(Data entries)
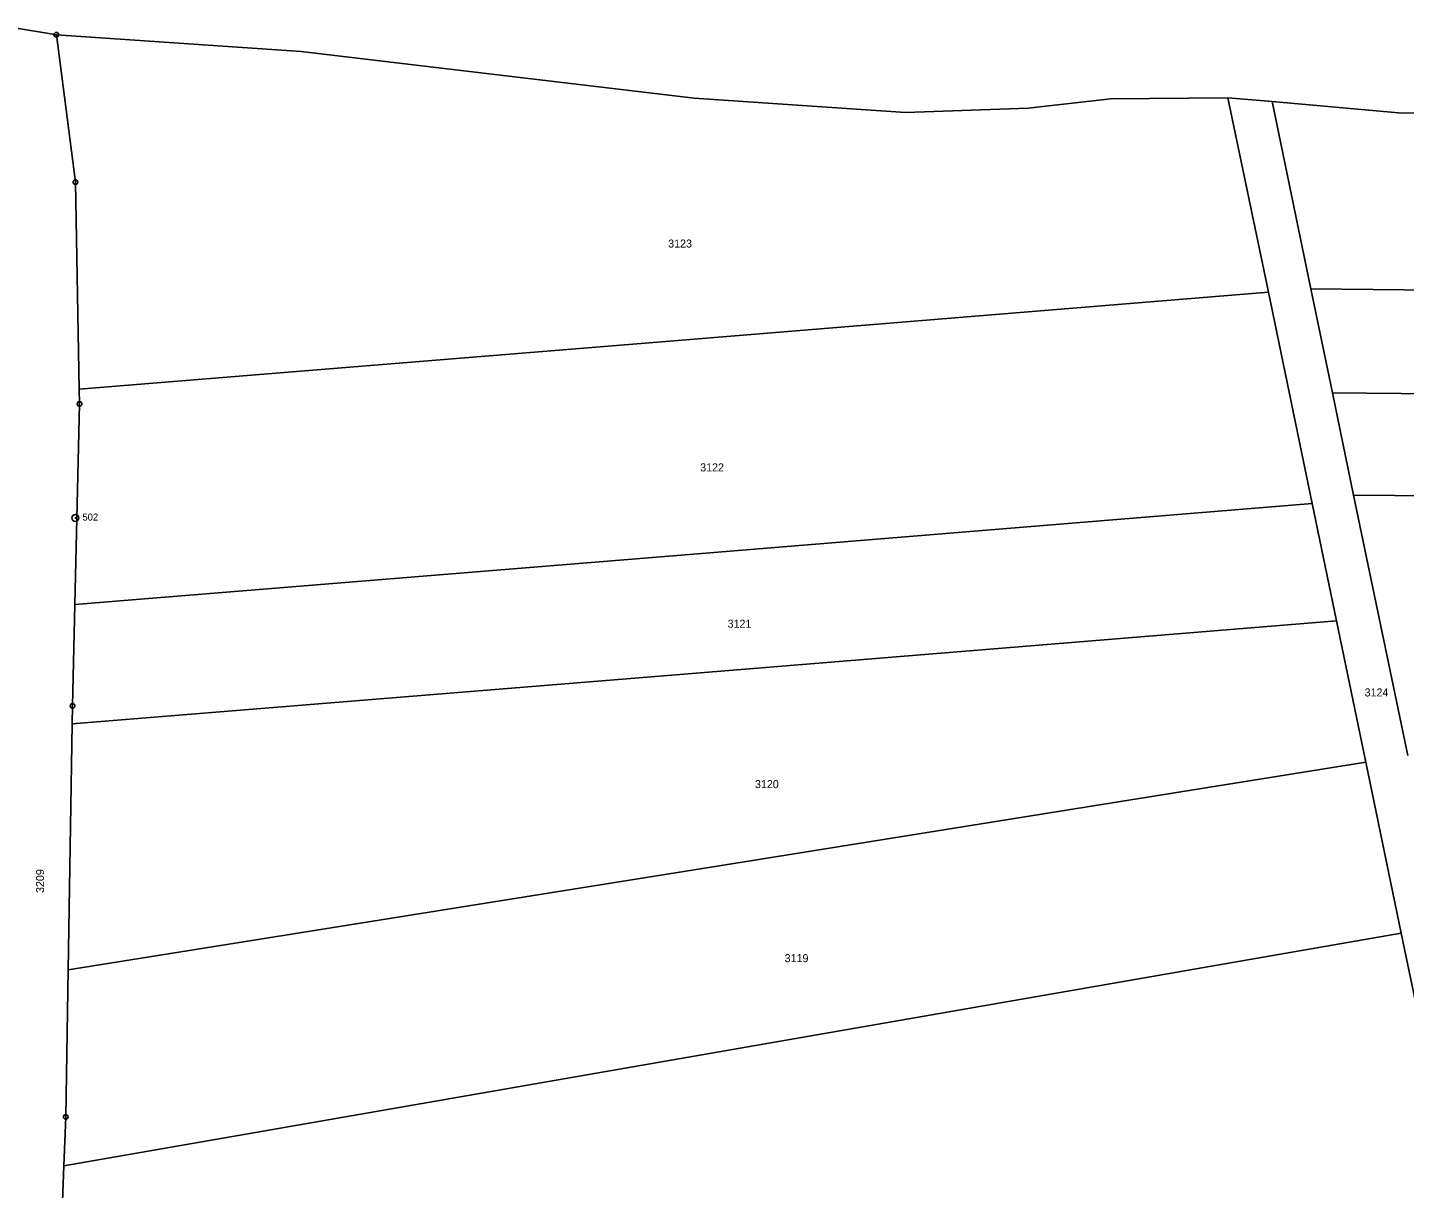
# Model space of a CAD drawing. Extents: x -618848 to -615803, y -1044450 to -1042254.
# Drawn here: x -617038.7 to -616746.1, y -1042523.1 to -1042276.5 of the extents above; entities that cross this region are included whole.
import ezdxf

# ---------------------------------------------------------------- set-up
doc = ezdxf.new("R2010")
doc.units = 0
doc.header["$LTSCALE"] = 0.68
doc.layers.add('1', color=7, linetype='Continuous', lineweight=25)
doc.layers.add('8', color=7, linetype='Continuous', lineweight=25)
doc.layers.add('2', color=7, linetype='Continuous')

msp = doc.modelspace()

# ---------------------------------------------------------------- linework, layer by layer
at = {"layer": '1'}
for p, q in [((-617041.94, -1042276.47), (-617035.84, -1042277.46)), ((-617035.84, -1042277.46), (-617032.55, -1042278)), ((-617032.55, -1042278), (-616980.54, -1042281.56)), ((-617028.49, -1042309.31), (-617032.55, -1042278)), ((-616980.54, -1042281.56), (-616897.06, -1042291.44)), ((-616897.06, -1042291.44), (-616852.12, -1042294.55)), ((-616783.61, -1042291.38), (-616774.25, -1042292.21)), ((-616775.03, -1042332.71), (-616783.61, -1042291.38)), ((-616852.12, -1042294.55), (-616826.04, -1042293.59)), ((-616774.25, -1042292.21), (-616766, -1042331.97)), ((-617027.68, -1042353.29), (-617028.49, -1042309.31)), ((-616775.03, -1042332.71), (-616901.36, -1042343)), ((-616765.71, -1042377.6), (-616775.03, -1042332.71)), ((-616766, -1042331.97), (-616761.42, -1042354.06)), ((-616766, -1042331.97), (-616635.96, -1042333.24)), ((-616901.36, -1042343), (-617027.68, -1042353.29)), ((-617027.62, -1042356.42), (-617027.68, -1042353.29)), ((-616761.42, -1042354.06), (-616756.91, -1042375.78)), ((-616761.42, -1042354.06), (-616629.12, -1042355.35)), ((-617028.61, -1042399.03), (-617027.62, -1042356.42)), ((-616756.91, -1042375.78), (-616745.43, -1042431.11)), ((-616756.91, -1042375.78), (-616622.39, -1042377.09)), ((-616897.16, -1042388.32), (-616765.71, -1042377.6)), ((-616760.55, -1042402.52), (-616765.71, -1042377.6)), ((-617028.61, -1042399.03), (-616897.16, -1042388.32)), ((-617029.11, -1042420.58), (-617028.61, -1042399.03)), ((-616760.55, -1042402.52), (-616894.86, -1042413.46)), ((-616754.33, -1042432.51), (-616760.55, -1042402.52)), ((-616894.86, -1042413.46), (-617029.17, -1042424.41)), ((-617029.17, -1042424.41), (-617029.11, -1042420.58)), ((-617030.04, -1042476.69), (-617029.17, -1042424.41)), ((-616892.18, -1042454.6), (-616754.33, -1042432.51)), ((-616746.8, -1042468.84), (-616754.33, -1042432.51)), ((-617030.04, -1042476.69), (-616892.18, -1042454.6)), ((-616746.8, -1042468.84), (-616888.88, -1042493.57)), ((-616732.14, -1042539.47), (-616746.8, -1042468.84)), ((-617030.56, -1042507.91), (-617030.04, -1042476.69)), ((-616888.88, -1042493.57), (-617030.97, -1042518.3)), ((-617030.97, -1042518.3), (-617030.56, -1042507.91)), ((-617032.56, -1042559.13), (-617030.97, -1042518.3))]:
    msp.add_line(p, q, dxfattribs=at)
for points in [[(-616826.04, -1042293.59), (-616808.59, -1042291.63), (-616783.61, -1042291.38)], [(-616774.25, -1042292.21), (-616747.35, -1042294.61), (-616712.8, -1042294.65)]]:
    msp.add_lwpolyline(points, dxfattribs=at)
at = {"layer": '8'}
for centre, radius in [((-617032.55, -1042277.9999), 0.5), ((-617032.55, -1042277.9999), 0.0303), ((-617028.49, -1042309.3099), 0.5), ((-617028.49, -1042309.3099), 0.0303), ((-617027.62, -1042356.4199), 0.5), ((-617027.62, -1042356.4199), 0.0303), ((-617028.5, -1042380.6498), 0.75), ((-617028.5, -1042380.6498), 0.03), ((-617029.11, -1042420.5799), 0.5), ((-617029.11, -1042420.5799), 0.0303), ((-617030.56, -1042507.9099), 0.5), ((-617030.56, -1042507.9099), 0.0303)]:
    msp.add_circle(centre, radius, dxfattribs=at)

# ---------------------------------------------------------------- texts
at = {"layer": '2'}
for s, p in [('3123', (-616902.55, -1042323.205)), ('3122', (-616895.75, -1042370.765)), ('3121', (-616889.93, -1042403.975)), ('3124', (-616754.59, -1042418.575)), ('3120', (-616884.11, -1042438.045)), ('3119', (-616877.81, -1042475.025))]:
    msp.add_text(s, height=1.7, dxfattribs=at).set_placement(p)
msp.add_text('3209', height=1.7, rotation=90, dxfattribs=at).set_placement((-617035.165, -1042460.33))
at = {"layer": '8'}
msp.add_text('502', height=1.5, dxfattribs=at).set_placement((-617027.01, -1042381.215))

doc.saveas('drawing.dxf')
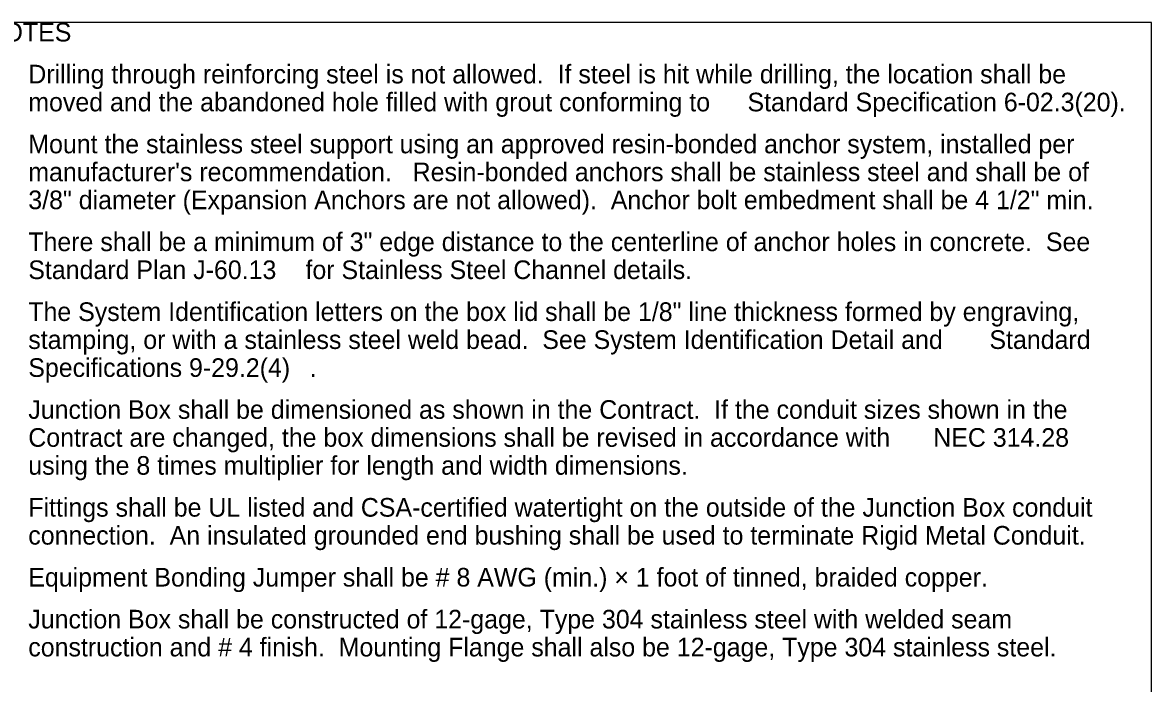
# Model space of a CAD drawing. Extents: x 99862 to 104211, y 98939 to 102076.
# Drawn here: x 101940 to 103151, y 101366 to 102076 of the extents above; entities that cross this region are included whole.
import ezdxf

# ---------------------------------------------------------------- set-up
doc = ezdxf.new("R2010")
doc.units = 0
for name, color, linetype in [('Level 1', 7, 'Continuous'), ('Level 20', 7, 'Continuous'), ('Level 60', 7, 'Continuous')]:
    doc.layers.add(name, color=color, linetype=linetype)

msp = doc.modelspace()

# ---------------------------------------------------------------- linework, layer by layer
at = {"layer": 'Level 1'}
msp.add_lwpolyline([(99862, 99999.5), (103151, 99999.5), (103151, 102075.5), (99862, 102075.5)], close=True, dxfattribs=at)
at = {"layer": 'Level 60'}
msp.add_line((103151, 102075.5), (103151, 102075.5), dxfattribs=at)

# ---------------------------------------------------------------- texts
at = {"layer": 'Level 20'}
for s, p in [('NOTES', (101900.1, 102055.3)), ('Drilling through reinforcing steel is not allowed.  If steel is hit while drilling, the location shall be ', (101946, 102010.3)), ('moved and the abandoned hole filled with grout conforming to ', (101946, 101980.3)), ('Standard Specification 6-02.3(20).  ', (102717.6, 101980.3)), ('Mount the stainless steel support using an approved resin-bonded anchor system, installed per ', (101946, 101935.3)), ("manufacturer's recommendation.   Resin-bonded anchors shall be stainless steel and shall be of ", (101946, 101905.3)), ('3/8" diameter (Expansion Anchors are not allowed).  Anchor bolt embedment shall be 4 1/2" min.  ', (101946, 101875.3)), ('There shall be a minimum of 3" edge distance to the centerline of anchor holes in concrete.  See ', (101946, 101830.3)), ('Standard Plan J-60.13 ', (101946, 101800.3)), ('for Stainless Steel Channel details.', (102243.4, 101800.3)), ('The System Identification letters on the box lid shall be 1/8" line thickness formed by engraving, ', (101946, 101755.3)), ('stamping, or with a stainless steel weld bead.  See System Identification Detail and ', (101946, 101725.3)), ('Standard ', (102977.2, 101725.3)), ('Specifications 9-29.2(4)', (101946, 101695.3)), ('.', (102247.9, 101695.3)), ('Junction Box shall be dimensioned as shown in the Contract.  If the conduit sizes shown in the ', (101946, 101650.3)), ('Contract are changed, the box dimensions shall be revised in accordance with ', (101946, 101620.3)), ('NEC 314.28 ', (102916.9, 101620.3)), ('using the 8 times multiplier for length and width dimensions.', (101946, 101590.3)), ('Fittings shall be UL listed and CSA-certified watertight on the outside of the Junction Box conduit ', (101946, 101545.3)), ('connection.  An insulated grounded end bushing shall be used to terminate Rigid Metal Conduit.', (101946, 101515.3)), ('Equipment Bonding Jumper shall be # 8 AWG (min.) × 1 foot of tinned, braided copper.', (101946, 101470.3)), ('Junction Box shall be constructed of 12-gage, Type 304 stainless steel with welded seam', (101946, 101425.3)), ('construction and # 4 finish.  Mounting Flange shall also be 12-gage, Type 304 stainless steel.  ', (101946, 101395.3))]:
    msp.add_text(s, height=20, dxfattribs=at).set_placement(p)

doc.saveas('drawing.dxf')
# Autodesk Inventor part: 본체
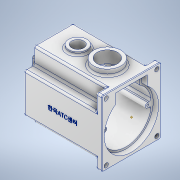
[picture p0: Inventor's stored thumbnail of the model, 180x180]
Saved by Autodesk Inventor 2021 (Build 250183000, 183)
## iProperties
Created: 2022-08
Part Number: 본체
Material: 알루미늄 6061
Document SubType Name: Modeling
Designer: Owner
Mass: 1403.68 g
Surface Area: 1178.8 cm^2
Volume: 519.882 cm^3
Density: 2.7 g/cm^3
Appearance: 알루미늄 - 평지
Author: Owner
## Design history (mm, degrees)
sketch "스케치1"
  geometry: L1 (-55, 49)-(55, 49); L2 (55, 49)-(55, -49); L3 (55, -49)-(-55, -49); L4 (-55, -49)-(-55, 49); L5 (-55, 49)-(55, -49); L6 (55, 49)-(-55, -49); 1 further point
  constraints: 12 end point, 2 midpoint, 2 parallel, 1 horizontal, 1 perpendicular
  dimensions: "d0" = 98 distance between parallel lines of L3 L1; "d1" = 110 distance between parallel lines of L4 L2
extrude "돌출1" new body sketch "스케치1" distance "d2" = 130; taper "d3" = 0 deg
sketch "스케치2"
  geometry: L1 (33, 28)-(65.098, 28); L2 (65.098, 28)-(65.098, 67.939); L3 (65.098, 67.939)-(33, 67.939); L4 (33, 67.939)-(33, 28); L5 (-61.074, 63.678)-(-33, 63.678); L6 (-33, 63.678)-(-33, 28); L7 (-33, 28)-(-61.074, 28); L8 (-61.074, 28)-(-61.074, 63.678); L9 (-57.523, -66.045)-(-33, -66.045); L10 (-33, -66.045)-(-33, -38); L11 (-33, -38)-(-57.523, -38); L12 (-57.523, -38)-(-57.523, -66.045); L13 (61.739, -66.045)-(33, -66.045); L14 (33, -66.045)-(33, -38); L15 (33, -38)-(61.739, -38); L16 (61.739, -38)-(61.739, -66.045); L17 (49, 55)-(-49, 55) reference; L18 (-49, -55)-(49, -55) reference; L19 (49, -55)-(49, 55) reference; 1 further point
  constraints: 32 end point, 8 parallel, 4 horizontal, 4 perpendicular
  dimensions: "d4" = 27 distance between parallel lines of L17 L1; "d5" = 17 distance between parallel lines of L18 L15; "d6" = 17 distance between parallel lines of L18 L11; "d7" = 27 distance between parallel lines of L17 L7; "d8" = 66 distance between parallel lines of L4 L6; "d9" = 66 distance between parallel lines of L14 L10; "d10" = 16 distance between parallel lines of L19 L4; "d11" = 16 distance between parallel lines of L19 L14
extrude "돌출2" cut sketch "스케치2" distance "d12" = 120; taper "d13" = 0 deg
sketch "스케치3"
  geometry: L1 (-27, 33)-(27, 33); L2 (27, 33)-(27, -21); L3 (27, -21)-(-27, -21); L4 (-27, -21)-(-27, 33); L5 (-27, 33)-(27, -21); L6 (27, 33)-(-27, -21); L7 (-33, -55)-(33, -55) reference; 3 further points
  constraints: 12 end point, 2 midpoint, 2 parallel, 1 horizontal, 1 perpendicular, 1 vertical alignment
  dimensions: "d14" = 54 distance between parallel lines of L3 L1; "d15" = 54 distance between parallel lines of L2 L4; "d148" = 61 distance from line of point (0, 6) L7
extrude "돌출3" join sketch "스케치3" distance "d16" = 7; taper "d17" = 0 deg
sketch "스케치4"
  geometry: L1 (0, 98)-(0, 0) reference; C1 r 22.5 at (-40, 49); C2 r 15 at (-89, 49); 2 further points
  constraints: 2 centre point, 2 horizontal alignment, 1 midpoint
  dimensions: "d18" = 45 diameter of C1; "d19" = 30 diameter of C2; "d20" = 40 distance from line of C1.centre L1; "d21" = 49 distance of C2.centre C1.centre
extrude "돌출4" join sketch "스케치4" distance "d22" = 5; taper "d23" = 0 deg
sketch "스케치5"
  geometry: C1 r 22.5 at (0, 0) reference; 1 further point
extrude "돌출5" join sketch "스케치5" distance "d24" = 5; taper "d25" = 0 deg
sketch "스케치6"
  geometry: C1 r 22.5 at (0, 0) reference; 2 further points
  constraints: 1 coincident
hole "구멍1" sketch "스케치6" at (0, 0) diameter "d27" = 33.376; stored, may be unused: countersink angle "d31" = 90 deg, drill point angle "d33" = 0 deg; dims "d28" = 40, "d29" = 4, "d30" = 2, "d32" = 41
sketch "스케치7"
  geometry: C1 r 15 at (0, 0) reference; 2 further points
  constraints: 1 coincident
hole "구멍2" sketch "스케치7" at (0, 0) diameter "d34" = 20; stored, may be unused: countersink angle "d38" = 90 deg, drill point angle "d40" = 0 deg; dims "d35" = 40, "d36" = 4, "d37" = 2, "d39" = 41
sketch "스케치8"
  geometry: L1 (-49, -55)-(49, -55) reference; L2 (-26, 48)-(26, 48); L3 (-26, 48)-(-26, 31.729); L4 (26, 48)-(26, 31.729); A1 r 45 centre (0, -5) between (-26, 31.729) and (26, 31.729); 1 further point
  constraints: 6 end point, 2 point on circle, 1 centre point, 1 horizontal, 1 parallel, 1 perpendicular, 1 vertical, 1 vertical alignment
  dimensions: "d41" = 50 distance from line of L1 A1.centre; "d42" = 90 diameter of A1; "d43" = 53 distance from line of A1.centre L2; "d44" = 52 distance between parallel lines of L4 L3
extrude "돌출6" cut sketch "스케치8" distance "d45" = 9; taper "d46" = 0 deg
sketch "스케치9"
  geometry: L1 (-23, 45)-(23, 45); L2 (-23, 45)-(-23, 30.143); L3 (23, 45)-(23, 30.143); A1 r 45 centre (0, -5) between (-26, 31.729) and (26, 31.729) reference; A2 r 42 centre (0, -5) between (-23, 30.143) and (23, 30.143); 1 further point
  constraints: 6 end point, 2 point on circle, 1 centre point, 1 coincident, 1 horizontal, 1 parallel, 1 perpendicular, 1 vertical
  dimensions: "d47" = 84 diameter of A2; "d48" = 50 distance from line of L1 A1.centre; "d49" = 46 distance between parallel lines of L3 L2
extrude "돌출7" cut sketch "스케치9" distance "d50" = 112; taper "d51" = 0 deg
sketch "스케치10"
  geometry: L1 (-35.778, -1.006)-(-41.81, -1.006); L2 (-35.778, -8.994)-(-41.81, -8.994); L3 (35.778, -1.006)-(41.81, -1.006); L4 (35.778, -8.994)-(41.81, -8.994); A1 r 42 centre (0, -5) between (-23, 30.143) and (23, 30.143) reference; A2 r 36 centre (0, -5) between (-36, -5) and (36, -5); A3 r 4 centre (-36, -5) between (-36.222, -8.994) and (-36.222, -1.006); A4 r 4 centre (36, -5) between (36.222, -1.006) and (36.222, -8.994); A5 r 42 centre (0, -5) between (-23, 30.143) and (23, 30.143) reference; 5 further points
  constraints: 18 point on circle, 8 end point, 6 point on line, 3 centre point, 2 horizontal alignment, 1 coincident, 1 horizontal, 1 parallel
  dimensions: "d52" = 72 diameter of A2; "d53" = 8 diameter of A3; "d54" = 8 diameter of A4
extrude "돌출8" join sketch "스케치10" distance "d55" = 112; taper "d56" = 0 deg
sketch "스케치11"
  geometry: L1 (-49, -55)-(49, -55) reference; A1 r 45 centre (0, -5) between (-26, 31.729) and (26, 31.729) reference; A2 r 21 centre (0, 6) between (8.978, -12.984) and (-8.978, -12.984); A3 r 15 centre (0, -25) between (-8.978, -12.984) and (8.978, -12.984); 1 further point
  constraints: 4 point on circle, 2 centre point, 2 vertical alignment
  dimensions: "d57" = 42 diameter of A2; "d58" = 30 diameter of A3; "d150" = 61 distance from line of A2.centre L1; "d151" = 20 distance of A3.centre A1.centre
extrude "돌출9" join sketch "스케치11" distance "d61" = 7; taper "d62" = 0 deg
sketch "스케치12"
  geometry: A1 r 21 centre (0, 6) between (8.978, -12.984) and (-8.978, -12.984) reference; 2 further points
  constraints: 1 coincident
hole "구멍3" sketch "스케치12" at (0, 6) diameter "d63" = 35; stored, may be unused: countersink angle "d67" = 90 deg, drill point angle "d69" = 0 deg; dims "d64" = 40, "d65" = 4, "d66" = 2, "d68" = 10
sketch "스케치13"
  geometry: A1 r 15 centre (0, -25) between (-8.978, -12.984) and (8.978, -12.984) reference; 2 further points
  constraints: 1 coincident
hole "구멍4" sketch "스케치13" at (0, -25) diameter "d70" = 22; stored, may be unused: countersink angle "d74" = 90 deg, drill point angle "d76" = 0 deg; dims "d71" = 40, "d72" = 4, "d73" = 2, "d75" = 7
sketch "스케치14"
  geometry: C1 r 17.5 at (0, 0) reference; 2 further points
  constraints: 1 coincident
hole "구멍5" sketch "스케치14" at (0, 0) diameter "d77" = 28; stored, may be unused: countersink angle "d81" = 90 deg, drill point angle "d83" = 0 deg; dims "d78" = 40, "d79" = 4, "d80" = 2, "d82" = 10
sketch "스케치15"
  geometry: A1 r 11 centre (0, 0) between (-5.651, 9.438) and (5.651, 9.438) reference; 2 further points
  constraints: 1 coincident
hole "구멍6" sketch "스케치15" at (0, 0) diameter "d84" = 19; stored, may be unused: countersink angle "d88" = 90 deg, drill point angle "d90" = 0 deg; dims "d85" = 40, "d86" = 4, "d87" = 2, "d89" = 3
sketch "스케치17"
  geometry: L1 (-49, 28)-(-49, 55) reference; L2 (49, 55)-(49, 28) reference; L3 (-49, 55)-(-33, 55) reference; L4 (-49, -55)-(-49, -38) reference; L5 (49, -38)-(49, -55) reference; 5 further points
  dimensions: "d98" = 84 distance of point (42, 48) point (-42, 48); "d99" = 7 distance from line of L1 point (-42, 48); "d100" = 7 distance from line of L2 point (42, 48); "d101" = 7 distance from line of L3 point (-42, 48); "d102" = 7 distance from line of L4 point (-42, -48); "d103" = 7 distance from line of L5 point (42, -48); "d104" = 96 distance of point (-42, -48) point (-42, 48); "d105" = 96 distance of point (42, -48) point (42, 48)
hole "구멍8" sketch "스케치17" at (42, 48), (-42, 48), (-42, -48), (42, -48) diameter "d106" = 7; stored, may be unused: countersink angle "d110" = 90 deg, drill point angle "d112" = 0 deg; dims "d107" = 40, "d108" = 4, "d109" = 2, "d111" = 10
sketch "스케치18"
  geometry: A1 r 4 centre (-36, -5) between (-35.778, -8.994) and (-35.778, -1.006) reference; A2 r 4 centre (36, -5) between (35.778, -1.006) and (35.778, -8.994) reference; 3 further points
  constraints: 2 coincident
hole "구멍9" sketch "스케치18" at (-36, -5), (36, -5) diameter "d113" = 3.242; stored, may be unused: countersink angle "d117" = 90 deg, drill point angle "d119" = 118 deg; dims "d114" = 7, "d115" = 4, "d116" = 2, "d118" = 9
fillet "모깎기1" dims "d120" = 3
fillet "모깎기2" dims "d121" = 3
fillet "모깎기3" dims "d122" = 3
fillet "모깎기4" dims "d123" = 3
fillet "모깎기5" dims "d124" = 3
fillet "모깎기7" dims "d126" = 3
fillet "모깎기8" dims "d130" = 0.3
sketch "스케치19"
  geometry: L1 (-30, -55)-(30, -55) reference; C1 r 16 at (0, 6); A1 r 17.5 centre (0, 6) between (3.463, -11.154) and (-3.463, -11.154) reference; 1 further point
  constraints: 1 centre point
  dimensions: "d134" = 32 diameter of C1; "d149" = 61 distance from line of C1.centre L1
extrude "돌출10" cut sketch "스케치19" distance "d135" = 10; taper "d136" = 0 deg
chamfer "모따기2" distance "d137" = 0.8; stored, may be unused: second distance "d138" = 2, angle "d139" = 30 deg
fillet "모깎기9" dims "d140" = 3
sketch "스케치20"
  geometry: L1 (-3, 87)-(-3, 66) reference; L2 (114, 63)-(0, 63) reference; 3 further points
  constraints: 1 other
  dimensions: "d141" = 65 distance from line of point (62, 30) L1; "d142" = 33 distance from line of L2 point (62, 30)
feature "엠보싱1" sketch "스케치20" dims "d0" = 98, "d1" = 110, "d5" = 17, "d6" = 17, "d9" = 66, "d11" = 16, "d143" = 0.5, "d144" = 0
chamfer "모따기3" distance "d145" = 1; stored, may be unused: second distance "d146" = 2, angle "d147" = 30 deg
node "솔리드1"
feature "A9D066F2-1C7D-4E18-AEED-F7BC21143FA4" dims "d34" = 20, "d35" = 40, "d36" = 4, "d37" = 2, "d38" = 90 deg, "d39" = 41, "d40" = 0

Work required: Among the lines above, list those that contain the word "Inventor".

Exercise solution:
# Autodesk Inventor part: 본체
[picture p0: Inventor's stored thumbnail of the model, 180x180]
Saved by Autodesk Inventor 2021 (Build 250183000, 183)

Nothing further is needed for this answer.